> _Records for processing_

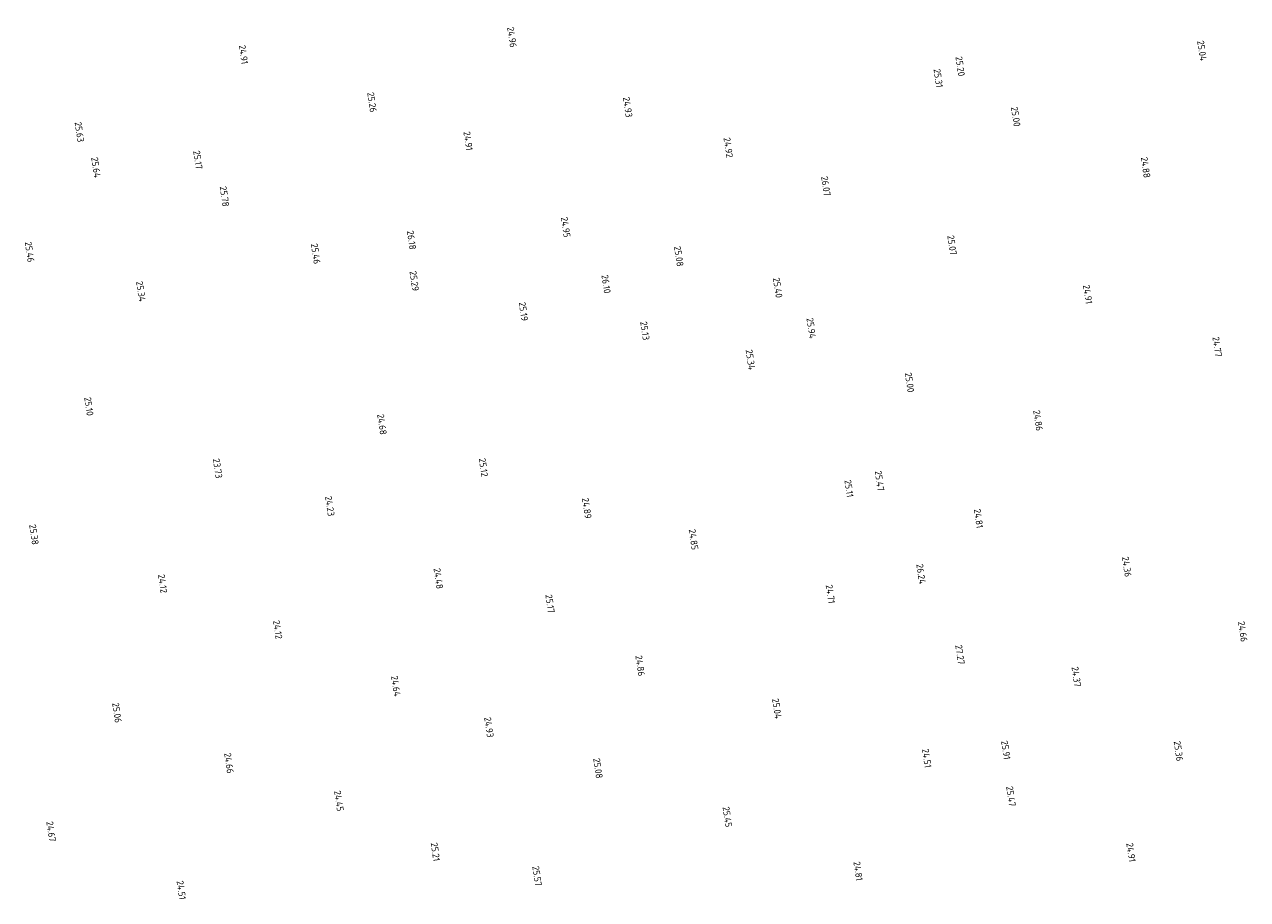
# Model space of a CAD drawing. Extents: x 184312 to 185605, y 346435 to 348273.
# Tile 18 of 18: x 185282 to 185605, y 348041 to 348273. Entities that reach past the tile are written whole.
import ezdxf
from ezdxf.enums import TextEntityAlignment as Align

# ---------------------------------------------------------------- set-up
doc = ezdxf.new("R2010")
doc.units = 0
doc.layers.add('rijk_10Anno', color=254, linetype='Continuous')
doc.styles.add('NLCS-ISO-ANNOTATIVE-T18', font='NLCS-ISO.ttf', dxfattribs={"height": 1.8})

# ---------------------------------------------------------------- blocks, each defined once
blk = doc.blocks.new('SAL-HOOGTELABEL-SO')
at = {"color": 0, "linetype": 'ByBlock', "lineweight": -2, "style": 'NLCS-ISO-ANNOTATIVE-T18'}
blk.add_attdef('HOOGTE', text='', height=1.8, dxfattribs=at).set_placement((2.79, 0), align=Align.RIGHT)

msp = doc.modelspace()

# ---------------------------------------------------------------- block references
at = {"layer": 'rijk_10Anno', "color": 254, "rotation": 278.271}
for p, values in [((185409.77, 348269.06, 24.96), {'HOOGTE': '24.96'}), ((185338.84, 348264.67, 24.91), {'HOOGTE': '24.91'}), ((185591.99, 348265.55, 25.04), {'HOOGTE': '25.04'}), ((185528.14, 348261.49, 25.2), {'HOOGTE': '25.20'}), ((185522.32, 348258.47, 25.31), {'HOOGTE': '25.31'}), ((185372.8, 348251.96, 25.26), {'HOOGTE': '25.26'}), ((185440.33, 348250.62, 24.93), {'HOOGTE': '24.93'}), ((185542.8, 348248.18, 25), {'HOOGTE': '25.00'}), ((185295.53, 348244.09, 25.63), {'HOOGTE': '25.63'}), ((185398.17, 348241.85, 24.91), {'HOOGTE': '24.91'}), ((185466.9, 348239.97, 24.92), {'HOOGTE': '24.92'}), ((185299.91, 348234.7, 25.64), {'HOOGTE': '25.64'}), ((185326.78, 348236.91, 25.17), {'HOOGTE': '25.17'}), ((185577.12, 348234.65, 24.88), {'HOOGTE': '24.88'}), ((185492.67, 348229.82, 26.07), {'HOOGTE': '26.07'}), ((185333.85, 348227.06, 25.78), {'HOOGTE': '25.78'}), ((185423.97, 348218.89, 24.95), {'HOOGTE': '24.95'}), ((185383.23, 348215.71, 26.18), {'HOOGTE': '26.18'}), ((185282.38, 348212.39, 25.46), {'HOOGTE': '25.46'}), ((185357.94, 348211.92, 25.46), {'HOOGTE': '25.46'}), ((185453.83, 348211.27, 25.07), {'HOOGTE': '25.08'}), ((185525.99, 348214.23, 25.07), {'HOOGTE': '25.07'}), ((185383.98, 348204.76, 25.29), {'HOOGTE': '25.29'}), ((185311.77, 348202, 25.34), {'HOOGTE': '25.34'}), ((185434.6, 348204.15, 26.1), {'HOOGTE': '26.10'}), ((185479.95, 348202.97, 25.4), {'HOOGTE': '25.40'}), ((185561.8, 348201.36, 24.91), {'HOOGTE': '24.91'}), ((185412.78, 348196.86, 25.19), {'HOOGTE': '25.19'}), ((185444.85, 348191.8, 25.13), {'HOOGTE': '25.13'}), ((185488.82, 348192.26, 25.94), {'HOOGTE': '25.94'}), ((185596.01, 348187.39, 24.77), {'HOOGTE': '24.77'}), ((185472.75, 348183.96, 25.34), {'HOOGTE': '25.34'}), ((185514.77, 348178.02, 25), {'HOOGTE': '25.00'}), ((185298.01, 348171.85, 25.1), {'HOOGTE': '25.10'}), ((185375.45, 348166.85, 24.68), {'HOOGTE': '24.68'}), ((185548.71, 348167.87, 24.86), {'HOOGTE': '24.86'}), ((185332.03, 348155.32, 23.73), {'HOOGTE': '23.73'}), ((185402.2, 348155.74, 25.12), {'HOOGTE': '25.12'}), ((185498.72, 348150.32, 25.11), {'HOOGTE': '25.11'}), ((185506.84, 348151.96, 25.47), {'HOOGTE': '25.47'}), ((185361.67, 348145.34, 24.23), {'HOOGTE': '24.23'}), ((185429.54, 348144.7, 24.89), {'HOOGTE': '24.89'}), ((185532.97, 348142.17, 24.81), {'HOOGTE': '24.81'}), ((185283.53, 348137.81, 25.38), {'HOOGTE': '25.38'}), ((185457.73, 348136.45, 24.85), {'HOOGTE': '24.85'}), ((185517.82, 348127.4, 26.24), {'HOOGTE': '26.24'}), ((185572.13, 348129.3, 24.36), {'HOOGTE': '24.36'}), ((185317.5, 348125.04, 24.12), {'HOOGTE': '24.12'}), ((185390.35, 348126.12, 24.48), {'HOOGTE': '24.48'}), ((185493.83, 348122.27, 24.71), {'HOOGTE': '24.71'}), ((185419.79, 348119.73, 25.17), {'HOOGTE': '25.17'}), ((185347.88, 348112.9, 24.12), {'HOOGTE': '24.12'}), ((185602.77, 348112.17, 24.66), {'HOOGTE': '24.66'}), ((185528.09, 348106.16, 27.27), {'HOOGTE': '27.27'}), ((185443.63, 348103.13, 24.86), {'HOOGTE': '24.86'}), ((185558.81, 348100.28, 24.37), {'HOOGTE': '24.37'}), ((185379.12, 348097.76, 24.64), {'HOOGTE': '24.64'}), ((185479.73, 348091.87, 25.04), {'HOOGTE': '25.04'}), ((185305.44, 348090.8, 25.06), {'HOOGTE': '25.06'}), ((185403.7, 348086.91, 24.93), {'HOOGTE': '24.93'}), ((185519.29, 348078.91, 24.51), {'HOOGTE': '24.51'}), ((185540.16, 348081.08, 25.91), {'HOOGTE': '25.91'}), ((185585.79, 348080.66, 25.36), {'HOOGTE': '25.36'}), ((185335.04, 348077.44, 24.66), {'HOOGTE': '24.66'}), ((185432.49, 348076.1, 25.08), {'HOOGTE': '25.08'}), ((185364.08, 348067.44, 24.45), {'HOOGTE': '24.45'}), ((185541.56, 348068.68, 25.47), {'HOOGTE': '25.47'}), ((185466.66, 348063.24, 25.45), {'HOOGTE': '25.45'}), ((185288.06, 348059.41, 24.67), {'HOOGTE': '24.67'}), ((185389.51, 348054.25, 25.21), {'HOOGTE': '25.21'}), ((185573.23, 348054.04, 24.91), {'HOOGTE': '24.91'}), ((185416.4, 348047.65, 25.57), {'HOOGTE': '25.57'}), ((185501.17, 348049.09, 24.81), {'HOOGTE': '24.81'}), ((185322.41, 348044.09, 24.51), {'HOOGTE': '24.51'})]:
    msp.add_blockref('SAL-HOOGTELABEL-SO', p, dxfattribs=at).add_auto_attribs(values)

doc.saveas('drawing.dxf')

> _Try it_
Leave nothing out but the pictures when transcribing the records.

> _Answer below_
# Model space of a CAD drawing. Extents: x 184312 to 185605, y 346435 to 348273.
# Tile 18 of 18: x 185282 to 185605, y 348041 to 348273. Entities that reach past the tile are written whole.
import ezdxf
from ezdxf.enums import TextEntityAlignment as Align

# ---------------------------------------------------------------- set-up
doc = ezdxf.new("R2010")
doc.units = 0
doc.layers.add('rijk_10Anno', color=254, linetype='Continuous')
doc.styles.add('NLCS-ISO-ANNOTATIVE-T18', font='NLCS-ISO.ttf', dxfattribs={"height": 1.8})

# ---------------------------------------------------------------- blocks, each defined once
blk = doc.blocks.new('SAL-HOOGTELABEL-SO')
at = {"color": 0, "linetype": 'ByBlock', "lineweight": -2, "style": 'NLCS-ISO-ANNOTATIVE-T18'}
blk.add_attdef('HOOGTE', text='', height=1.8, dxfattribs=at).set_placement((2.79, 0), align=Align.RIGHT)

msp = doc.modelspace()

# ---------------------------------------------------------------- block references
at = {"layer": 'rijk_10Anno', "color": 254, "rotation": 278.271}
for p, values in [((185409.77, 348269.06, 24.96), {'HOOGTE': '24.96'}), ((185338.84, 348264.67, 24.91), {'HOOGTE': '24.91'}), ((185591.99, 348265.55, 25.04), {'HOOGTE': '25.04'}), ((185528.14, 348261.49, 25.2), {'HOOGTE': '25.20'}), ((185522.32, 348258.47, 25.31), {'HOOGTE': '25.31'}), ((185372.8, 348251.96, 25.26), {'HOOGTE': '25.26'}), ((185440.33, 348250.62, 24.93), {'HOOGTE': '24.93'}), ((185542.8, 348248.18, 25), {'HOOGTE': '25.00'}), ((185295.53, 348244.09, 25.63), {'HOOGTE': '25.63'}), ((185398.17, 348241.85, 24.91), {'HOOGTE': '24.91'}), ((185466.9, 348239.97, 24.92), {'HOOGTE': '24.92'}), ((185299.91, 348234.7, 25.64), {'HOOGTE': '25.64'}), ((185326.78, 348236.91, 25.17), {'HOOGTE': '25.17'}), ((185577.12, 348234.65, 24.88), {'HOOGTE': '24.88'}), ((185492.67, 348229.82, 26.07), {'HOOGTE': '26.07'}), ((185333.85, 348227.06, 25.78), {'HOOGTE': '25.78'}), ((185423.97, 348218.89, 24.95), {'HOOGTE': '24.95'}), ((185383.23, 348215.71, 26.18), {'HOOGTE': '26.18'}), ((185282.38, 348212.39, 25.46), {'HOOGTE': '25.46'}), ((185357.94, 348211.92, 25.46), {'HOOGTE': '25.46'}), ((185453.83, 348211.27, 25.07), {'HOOGTE': '25.08'}), ((185525.99, 348214.23, 25.07), {'HOOGTE': '25.07'}), ((185383.98, 348204.76, 25.29), {'HOOGTE': '25.29'}), ((185311.77, 348202, 25.34), {'HOOGTE': '25.34'}), ((185434.6, 348204.15, 26.1), {'HOOGTE': '26.10'}), ((185479.95, 348202.97, 25.4), {'HOOGTE': '25.40'}), ((185561.8, 348201.36, 24.91), {'HOOGTE': '24.91'}), ((185412.78, 348196.86, 25.19), {'HOOGTE': '25.19'}), ((185444.85, 348191.8, 25.13), {'HOOGTE': '25.13'}), ((185488.82, 348192.26, 25.94), {'HOOGTE': '25.94'}), ((185596.01, 348187.39, 24.77), {'HOOGTE': '24.77'}), ((185472.75, 348183.96, 25.34), {'HOOGTE': '25.34'}), ((185514.77, 348178.02, 25), {'HOOGTE': '25.00'}), ((185298.01, 348171.85, 25.1), {'HOOGTE': '25.10'}), ((185375.45, 348166.85, 24.68), {'HOOGTE': '24.68'}), ((185548.71, 348167.87, 24.86), {'HOOGTE': '24.86'}), ((185332.03, 348155.32, 23.73), {'HOOGTE': '23.73'}), ((185402.2, 348155.74, 25.12), {'HOOGTE': '25.12'}), ((185498.72, 348150.32, 25.11), {'HOOGTE': '25.11'}), ((185506.84, 348151.96, 25.47), {'HOOGTE': '25.47'}), ((185361.67, 348145.34, 24.23), {'HOOGTE': '24.23'}), ((185429.54, 348144.7, 24.89), {'HOOGTE': '24.89'}), ((185532.97, 348142.17, 24.81), {'HOOGTE': '24.81'}), ((185283.53, 348137.81, 25.38), {'HOOGTE': '25.38'}), ((185457.73, 348136.45, 24.85), {'HOOGTE': '24.85'}), ((185517.82, 348127.4, 26.24), {'HOOGTE': '26.24'}), ((185572.13, 348129.3, 24.36), {'HOOGTE': '24.36'}), ((185317.5, 348125.04, 24.12), {'HOOGTE': '24.12'}), ((185390.35, 348126.12, 24.48), {'HOOGTE': '24.48'}), ((185493.83, 348122.27, 24.71), {'HOOGTE': '24.71'}), ((185419.79, 348119.73, 25.17), {'HOOGTE': '25.17'}), ((185347.88, 348112.9, 24.12), {'HOOGTE': '24.12'}), ((185602.77, 348112.17, 24.66), {'HOOGTE': '24.66'}), ((185528.09, 348106.16, 27.27), {'HOOGTE': '27.27'}), ((185443.63, 348103.13, 24.86), {'HOOGTE': '24.86'}), ((185558.81, 348100.28, 24.37), {'HOOGTE': '24.37'}), ((185379.12, 348097.76, 24.64), {'HOOGTE': '24.64'}), ((185479.73, 348091.87, 25.04), {'HOOGTE': '25.04'}), ((185305.44, 348090.8, 25.06), {'HOOGTE': '25.06'}), ((185403.7, 348086.91, 24.93), {'HOOGTE': '24.93'}), ((185519.29, 348078.91, 24.51), {'HOOGTE': '24.51'}), ((185540.16, 348081.08, 25.91), {'HOOGTE': '25.91'}), ((185585.79, 348080.66, 25.36), {'HOOGTE': '25.36'}), ((185335.04, 348077.44, 24.66), {'HOOGTE': '24.66'}), ((185432.49, 348076.1, 25.08), {'HOOGTE': '25.08'}), ((185364.08, 348067.44, 24.45), {'HOOGTE': '24.45'}), ((185541.56, 348068.68, 25.47), {'HOOGTE': '25.47'}), ((185466.66, 348063.24, 25.45), {'HOOGTE': '25.45'}), ((185288.06, 348059.41, 24.67), {'HOOGTE': '24.67'}), ((185389.51, 348054.25, 25.21), {'HOOGTE': '25.21'}), ((185573.23, 348054.04, 24.91), {'HOOGTE': '24.91'}), ((185416.4, 348047.65, 25.57), {'HOOGTE': '25.57'}), ((185501.17, 348049.09, 24.81), {'HOOGTE': '24.81'}), ((185322.41, 348044.09, 24.51), {'HOOGTE': '24.51'})]:
    msp.add_blockref('SAL-HOOGTELABEL-SO', p, dxfattribs=at).add_auto_attribs(values)

doc.saveas('drawing.dxf')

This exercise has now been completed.